Communication with the dying person

  • What does one talk about with a person who is dying? Remember, he or she is still alive, still has a history, a present and dreams, talents and unique interests. Talk about it. However, first forge trust, otherwise the patient will not easily open his or her heart.
  • Talk to the patient about his or her needs, what he or she would like to talk about. It is, after all, not about your needs.
  • Problems may arise with communication. Family members are often afraid that the truth will upset the patient. However, the patient mostly knows very well what is happening.

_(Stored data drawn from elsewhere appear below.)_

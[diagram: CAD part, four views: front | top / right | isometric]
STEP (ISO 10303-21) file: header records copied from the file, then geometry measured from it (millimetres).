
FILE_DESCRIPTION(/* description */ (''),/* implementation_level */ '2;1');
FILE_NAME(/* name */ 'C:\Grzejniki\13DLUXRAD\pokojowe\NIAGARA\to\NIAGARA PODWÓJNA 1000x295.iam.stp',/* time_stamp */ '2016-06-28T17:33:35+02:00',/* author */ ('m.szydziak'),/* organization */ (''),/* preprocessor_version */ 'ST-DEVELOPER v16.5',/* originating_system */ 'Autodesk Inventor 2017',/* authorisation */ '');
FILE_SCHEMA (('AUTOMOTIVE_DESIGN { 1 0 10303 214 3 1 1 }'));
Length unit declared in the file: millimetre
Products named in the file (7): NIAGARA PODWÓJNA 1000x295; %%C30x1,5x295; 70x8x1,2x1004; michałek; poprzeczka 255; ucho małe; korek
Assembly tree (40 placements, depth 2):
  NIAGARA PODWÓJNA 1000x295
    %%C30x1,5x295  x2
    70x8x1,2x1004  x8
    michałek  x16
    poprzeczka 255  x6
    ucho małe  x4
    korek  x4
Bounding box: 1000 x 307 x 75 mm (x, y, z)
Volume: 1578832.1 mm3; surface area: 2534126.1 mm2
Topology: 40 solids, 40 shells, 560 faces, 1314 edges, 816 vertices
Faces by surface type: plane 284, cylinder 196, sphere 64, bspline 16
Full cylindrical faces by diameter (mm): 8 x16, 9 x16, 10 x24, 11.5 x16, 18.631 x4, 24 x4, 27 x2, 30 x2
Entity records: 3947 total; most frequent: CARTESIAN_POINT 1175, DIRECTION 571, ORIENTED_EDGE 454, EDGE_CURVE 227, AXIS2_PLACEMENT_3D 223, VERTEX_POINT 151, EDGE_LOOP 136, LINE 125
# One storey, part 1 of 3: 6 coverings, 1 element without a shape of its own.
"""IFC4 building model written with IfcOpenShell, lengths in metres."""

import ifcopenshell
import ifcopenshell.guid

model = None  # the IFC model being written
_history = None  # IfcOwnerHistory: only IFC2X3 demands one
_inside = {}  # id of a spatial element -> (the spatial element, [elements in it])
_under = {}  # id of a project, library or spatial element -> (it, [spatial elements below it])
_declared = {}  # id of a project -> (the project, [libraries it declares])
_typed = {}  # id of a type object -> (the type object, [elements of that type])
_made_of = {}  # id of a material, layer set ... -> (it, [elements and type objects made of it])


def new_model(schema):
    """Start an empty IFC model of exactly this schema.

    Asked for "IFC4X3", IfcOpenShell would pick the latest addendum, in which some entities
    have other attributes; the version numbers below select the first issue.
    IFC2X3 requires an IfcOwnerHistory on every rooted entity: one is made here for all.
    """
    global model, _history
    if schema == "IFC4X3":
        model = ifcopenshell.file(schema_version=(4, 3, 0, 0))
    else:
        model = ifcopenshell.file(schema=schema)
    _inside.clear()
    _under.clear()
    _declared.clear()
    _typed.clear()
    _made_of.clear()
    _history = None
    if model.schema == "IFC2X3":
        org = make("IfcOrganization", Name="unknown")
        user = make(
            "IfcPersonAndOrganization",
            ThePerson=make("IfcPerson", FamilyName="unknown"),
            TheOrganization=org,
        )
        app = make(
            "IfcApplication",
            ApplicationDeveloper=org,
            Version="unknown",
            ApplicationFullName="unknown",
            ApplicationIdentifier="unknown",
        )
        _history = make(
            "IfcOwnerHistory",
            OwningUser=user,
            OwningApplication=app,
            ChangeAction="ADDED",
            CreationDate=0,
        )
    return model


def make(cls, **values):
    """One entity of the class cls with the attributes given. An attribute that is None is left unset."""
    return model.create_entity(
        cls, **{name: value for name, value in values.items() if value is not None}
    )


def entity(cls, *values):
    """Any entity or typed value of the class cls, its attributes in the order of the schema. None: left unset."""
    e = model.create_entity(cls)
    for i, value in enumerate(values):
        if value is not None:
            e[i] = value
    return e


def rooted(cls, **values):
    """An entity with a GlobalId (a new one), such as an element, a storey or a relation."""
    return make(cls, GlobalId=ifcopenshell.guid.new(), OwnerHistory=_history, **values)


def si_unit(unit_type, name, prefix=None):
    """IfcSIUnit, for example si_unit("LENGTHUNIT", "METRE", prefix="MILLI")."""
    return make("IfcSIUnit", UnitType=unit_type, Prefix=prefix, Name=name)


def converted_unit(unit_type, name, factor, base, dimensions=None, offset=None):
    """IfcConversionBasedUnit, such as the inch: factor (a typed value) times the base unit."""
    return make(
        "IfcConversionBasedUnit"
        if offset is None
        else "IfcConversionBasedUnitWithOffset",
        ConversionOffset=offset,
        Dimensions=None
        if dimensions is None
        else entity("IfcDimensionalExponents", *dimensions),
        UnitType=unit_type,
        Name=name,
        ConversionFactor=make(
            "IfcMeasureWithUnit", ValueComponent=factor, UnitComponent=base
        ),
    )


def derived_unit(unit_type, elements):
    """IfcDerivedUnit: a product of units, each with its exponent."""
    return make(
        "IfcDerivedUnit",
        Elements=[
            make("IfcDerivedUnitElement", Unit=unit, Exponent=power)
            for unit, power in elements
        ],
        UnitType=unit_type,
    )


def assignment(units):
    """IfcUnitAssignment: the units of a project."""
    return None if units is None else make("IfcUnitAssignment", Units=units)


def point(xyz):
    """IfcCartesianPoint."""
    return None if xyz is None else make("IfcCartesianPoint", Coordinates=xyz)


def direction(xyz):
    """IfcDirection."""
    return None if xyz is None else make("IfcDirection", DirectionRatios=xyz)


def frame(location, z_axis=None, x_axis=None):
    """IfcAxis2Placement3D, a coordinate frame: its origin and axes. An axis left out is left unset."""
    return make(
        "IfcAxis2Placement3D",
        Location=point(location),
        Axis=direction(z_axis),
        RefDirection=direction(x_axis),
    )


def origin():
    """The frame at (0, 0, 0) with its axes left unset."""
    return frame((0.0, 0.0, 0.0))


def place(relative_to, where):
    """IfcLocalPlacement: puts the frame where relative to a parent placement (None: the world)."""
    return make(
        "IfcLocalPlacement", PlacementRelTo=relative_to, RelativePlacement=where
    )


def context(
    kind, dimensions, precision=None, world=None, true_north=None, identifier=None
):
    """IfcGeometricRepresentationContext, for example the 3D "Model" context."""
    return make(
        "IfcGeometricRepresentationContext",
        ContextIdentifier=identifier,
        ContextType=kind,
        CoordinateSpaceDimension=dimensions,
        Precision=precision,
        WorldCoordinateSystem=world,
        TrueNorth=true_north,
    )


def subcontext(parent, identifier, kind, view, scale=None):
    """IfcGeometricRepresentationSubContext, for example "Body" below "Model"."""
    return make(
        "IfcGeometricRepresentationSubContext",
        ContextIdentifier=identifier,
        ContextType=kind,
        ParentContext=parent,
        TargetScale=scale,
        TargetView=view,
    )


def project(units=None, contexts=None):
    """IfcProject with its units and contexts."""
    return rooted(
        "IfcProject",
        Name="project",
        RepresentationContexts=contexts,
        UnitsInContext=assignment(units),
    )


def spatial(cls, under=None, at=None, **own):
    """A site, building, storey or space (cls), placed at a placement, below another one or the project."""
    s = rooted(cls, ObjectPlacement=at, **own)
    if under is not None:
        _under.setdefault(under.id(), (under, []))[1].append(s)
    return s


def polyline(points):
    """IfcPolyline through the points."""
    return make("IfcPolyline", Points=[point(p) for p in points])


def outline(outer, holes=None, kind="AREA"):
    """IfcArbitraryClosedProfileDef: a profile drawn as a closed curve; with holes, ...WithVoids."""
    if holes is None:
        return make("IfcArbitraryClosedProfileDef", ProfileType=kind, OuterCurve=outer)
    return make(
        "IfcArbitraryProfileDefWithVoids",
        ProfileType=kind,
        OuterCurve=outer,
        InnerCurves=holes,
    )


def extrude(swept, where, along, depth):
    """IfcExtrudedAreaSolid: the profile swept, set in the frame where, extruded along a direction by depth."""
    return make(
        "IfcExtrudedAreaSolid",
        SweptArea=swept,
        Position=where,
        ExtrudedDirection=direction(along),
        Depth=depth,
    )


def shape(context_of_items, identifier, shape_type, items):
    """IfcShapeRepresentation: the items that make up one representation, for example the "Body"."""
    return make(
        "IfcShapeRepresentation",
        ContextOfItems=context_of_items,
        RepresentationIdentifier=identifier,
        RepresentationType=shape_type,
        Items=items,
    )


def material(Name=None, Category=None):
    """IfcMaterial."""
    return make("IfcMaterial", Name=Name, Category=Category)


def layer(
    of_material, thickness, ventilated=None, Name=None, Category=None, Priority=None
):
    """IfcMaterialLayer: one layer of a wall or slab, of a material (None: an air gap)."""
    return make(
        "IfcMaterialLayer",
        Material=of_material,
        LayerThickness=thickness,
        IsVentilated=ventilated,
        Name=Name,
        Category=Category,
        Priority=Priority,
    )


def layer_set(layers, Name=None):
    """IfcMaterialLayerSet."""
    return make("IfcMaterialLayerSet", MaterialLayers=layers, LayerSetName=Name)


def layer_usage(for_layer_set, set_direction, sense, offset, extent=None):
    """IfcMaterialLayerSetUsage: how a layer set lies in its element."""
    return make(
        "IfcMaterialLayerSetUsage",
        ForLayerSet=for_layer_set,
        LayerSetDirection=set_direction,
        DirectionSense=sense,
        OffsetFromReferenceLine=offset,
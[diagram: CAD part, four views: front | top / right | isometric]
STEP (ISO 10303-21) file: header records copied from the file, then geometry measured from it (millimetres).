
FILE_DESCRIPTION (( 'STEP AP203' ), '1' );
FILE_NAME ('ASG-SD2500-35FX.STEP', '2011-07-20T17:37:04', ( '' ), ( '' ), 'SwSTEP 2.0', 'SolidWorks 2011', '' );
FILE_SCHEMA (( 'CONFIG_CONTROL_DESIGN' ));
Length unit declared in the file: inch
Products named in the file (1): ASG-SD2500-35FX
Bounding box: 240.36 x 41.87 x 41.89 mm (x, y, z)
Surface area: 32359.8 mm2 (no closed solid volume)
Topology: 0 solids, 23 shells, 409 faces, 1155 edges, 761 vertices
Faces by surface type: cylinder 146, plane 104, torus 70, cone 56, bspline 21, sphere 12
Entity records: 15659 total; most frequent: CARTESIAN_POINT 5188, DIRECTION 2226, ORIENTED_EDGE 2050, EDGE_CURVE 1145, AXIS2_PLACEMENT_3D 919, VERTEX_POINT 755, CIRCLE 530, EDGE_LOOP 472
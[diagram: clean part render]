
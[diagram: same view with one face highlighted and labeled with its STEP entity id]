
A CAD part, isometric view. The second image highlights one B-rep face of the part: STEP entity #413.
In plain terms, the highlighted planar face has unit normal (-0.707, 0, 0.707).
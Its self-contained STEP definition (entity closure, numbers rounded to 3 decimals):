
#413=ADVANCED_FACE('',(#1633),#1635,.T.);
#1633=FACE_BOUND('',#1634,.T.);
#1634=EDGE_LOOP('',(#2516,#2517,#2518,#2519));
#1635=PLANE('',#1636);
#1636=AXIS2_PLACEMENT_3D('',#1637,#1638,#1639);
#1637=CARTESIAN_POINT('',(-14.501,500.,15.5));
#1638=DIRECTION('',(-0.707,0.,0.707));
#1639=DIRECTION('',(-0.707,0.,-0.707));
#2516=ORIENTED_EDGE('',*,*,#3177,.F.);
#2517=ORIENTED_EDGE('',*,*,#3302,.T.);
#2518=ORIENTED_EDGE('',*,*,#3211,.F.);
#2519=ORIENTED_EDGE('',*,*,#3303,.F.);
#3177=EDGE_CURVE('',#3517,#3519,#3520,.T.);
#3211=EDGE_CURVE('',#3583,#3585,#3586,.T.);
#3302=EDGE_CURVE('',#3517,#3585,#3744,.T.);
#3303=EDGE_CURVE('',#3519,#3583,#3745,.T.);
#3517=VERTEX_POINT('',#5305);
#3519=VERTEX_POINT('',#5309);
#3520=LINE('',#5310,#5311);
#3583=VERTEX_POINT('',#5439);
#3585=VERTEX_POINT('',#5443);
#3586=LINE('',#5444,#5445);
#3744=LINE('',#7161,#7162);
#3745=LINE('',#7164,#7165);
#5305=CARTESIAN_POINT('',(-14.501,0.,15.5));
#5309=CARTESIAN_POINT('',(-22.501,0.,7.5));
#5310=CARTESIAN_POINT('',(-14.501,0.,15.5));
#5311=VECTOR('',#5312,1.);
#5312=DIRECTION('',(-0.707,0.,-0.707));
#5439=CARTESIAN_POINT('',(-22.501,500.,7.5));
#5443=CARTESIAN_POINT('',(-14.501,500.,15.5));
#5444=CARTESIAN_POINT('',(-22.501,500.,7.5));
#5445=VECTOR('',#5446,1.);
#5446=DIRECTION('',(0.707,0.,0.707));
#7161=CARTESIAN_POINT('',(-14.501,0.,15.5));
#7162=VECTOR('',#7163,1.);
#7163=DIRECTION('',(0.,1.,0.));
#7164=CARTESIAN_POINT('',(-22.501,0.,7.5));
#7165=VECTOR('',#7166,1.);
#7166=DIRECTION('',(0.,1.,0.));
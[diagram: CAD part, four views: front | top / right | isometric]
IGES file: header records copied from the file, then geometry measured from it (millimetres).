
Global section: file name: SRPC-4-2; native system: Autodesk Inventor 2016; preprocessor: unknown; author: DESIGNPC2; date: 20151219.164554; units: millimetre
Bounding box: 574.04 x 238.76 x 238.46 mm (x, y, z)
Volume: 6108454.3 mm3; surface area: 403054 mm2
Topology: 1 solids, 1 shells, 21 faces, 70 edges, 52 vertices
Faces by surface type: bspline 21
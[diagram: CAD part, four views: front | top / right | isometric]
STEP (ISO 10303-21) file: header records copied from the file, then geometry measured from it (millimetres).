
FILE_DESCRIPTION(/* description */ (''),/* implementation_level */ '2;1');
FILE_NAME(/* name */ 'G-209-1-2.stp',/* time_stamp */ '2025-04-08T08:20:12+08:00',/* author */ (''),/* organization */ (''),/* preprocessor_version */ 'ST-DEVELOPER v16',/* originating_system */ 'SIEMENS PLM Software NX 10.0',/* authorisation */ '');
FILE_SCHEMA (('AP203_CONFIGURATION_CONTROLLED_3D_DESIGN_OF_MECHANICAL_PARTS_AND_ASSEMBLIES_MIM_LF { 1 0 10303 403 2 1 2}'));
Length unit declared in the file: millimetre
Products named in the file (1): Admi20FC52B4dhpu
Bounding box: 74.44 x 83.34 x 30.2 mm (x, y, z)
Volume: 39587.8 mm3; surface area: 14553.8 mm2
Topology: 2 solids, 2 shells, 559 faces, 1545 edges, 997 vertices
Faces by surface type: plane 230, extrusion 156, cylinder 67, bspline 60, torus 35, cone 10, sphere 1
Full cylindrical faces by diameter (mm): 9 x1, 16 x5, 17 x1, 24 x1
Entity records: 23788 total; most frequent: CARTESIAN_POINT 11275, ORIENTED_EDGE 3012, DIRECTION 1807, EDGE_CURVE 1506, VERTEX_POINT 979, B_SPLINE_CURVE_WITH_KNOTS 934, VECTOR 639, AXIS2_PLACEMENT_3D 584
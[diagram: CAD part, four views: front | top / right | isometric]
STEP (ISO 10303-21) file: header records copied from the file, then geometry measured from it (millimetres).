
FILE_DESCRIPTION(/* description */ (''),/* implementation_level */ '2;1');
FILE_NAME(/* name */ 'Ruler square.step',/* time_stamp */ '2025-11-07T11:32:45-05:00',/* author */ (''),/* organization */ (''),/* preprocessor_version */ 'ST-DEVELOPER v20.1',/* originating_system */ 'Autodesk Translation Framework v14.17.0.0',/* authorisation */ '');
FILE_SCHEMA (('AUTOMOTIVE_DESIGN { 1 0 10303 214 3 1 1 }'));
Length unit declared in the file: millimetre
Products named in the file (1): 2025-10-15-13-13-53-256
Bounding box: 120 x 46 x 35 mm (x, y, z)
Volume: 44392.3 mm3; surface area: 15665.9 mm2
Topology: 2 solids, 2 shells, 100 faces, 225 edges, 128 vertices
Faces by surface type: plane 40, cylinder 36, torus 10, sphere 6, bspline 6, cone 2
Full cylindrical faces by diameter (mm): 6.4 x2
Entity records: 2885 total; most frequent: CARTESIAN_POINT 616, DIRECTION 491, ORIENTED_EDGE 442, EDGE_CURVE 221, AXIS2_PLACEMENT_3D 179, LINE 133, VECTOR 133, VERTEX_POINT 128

If you keep certain information from him or her, you can build a wall of tension between you. The patient then feels isolated and often has no one else to share his or her feelings with. These pent-up feelings can do more harm than good.
  • The dying person’s greatest fear is mostly not death itself, but that he or she will become increasingly more isolated or lonely. It often happens that many people visit shortly after the diagnosis, but as time passes, they tend to stay away. Allow the patient to talk about these fears and be there for him or her.

Before the death of a beloved

The ideal is that dealing with bereavement with terminally ill persons should start before death intercedes. Preparation for handling emotions is already being done at this stage. It is necessary that you will be available as accompaniment when the family members need you. The security of a trusting relationship enables them to express their emotions in the safety thereof.

The moment of death

This moment should be undeterred and private, but the patient must also not be left alone. It is important that you as support or accompaniment will show your emotions, albeit “restrained” emotions. Remember, this is not about you. It is important that you do not come across as hard, cold or callous. This type of support requires devotion, surrender, self-denial and the readiness to be involved with people in grief and to support them to the end.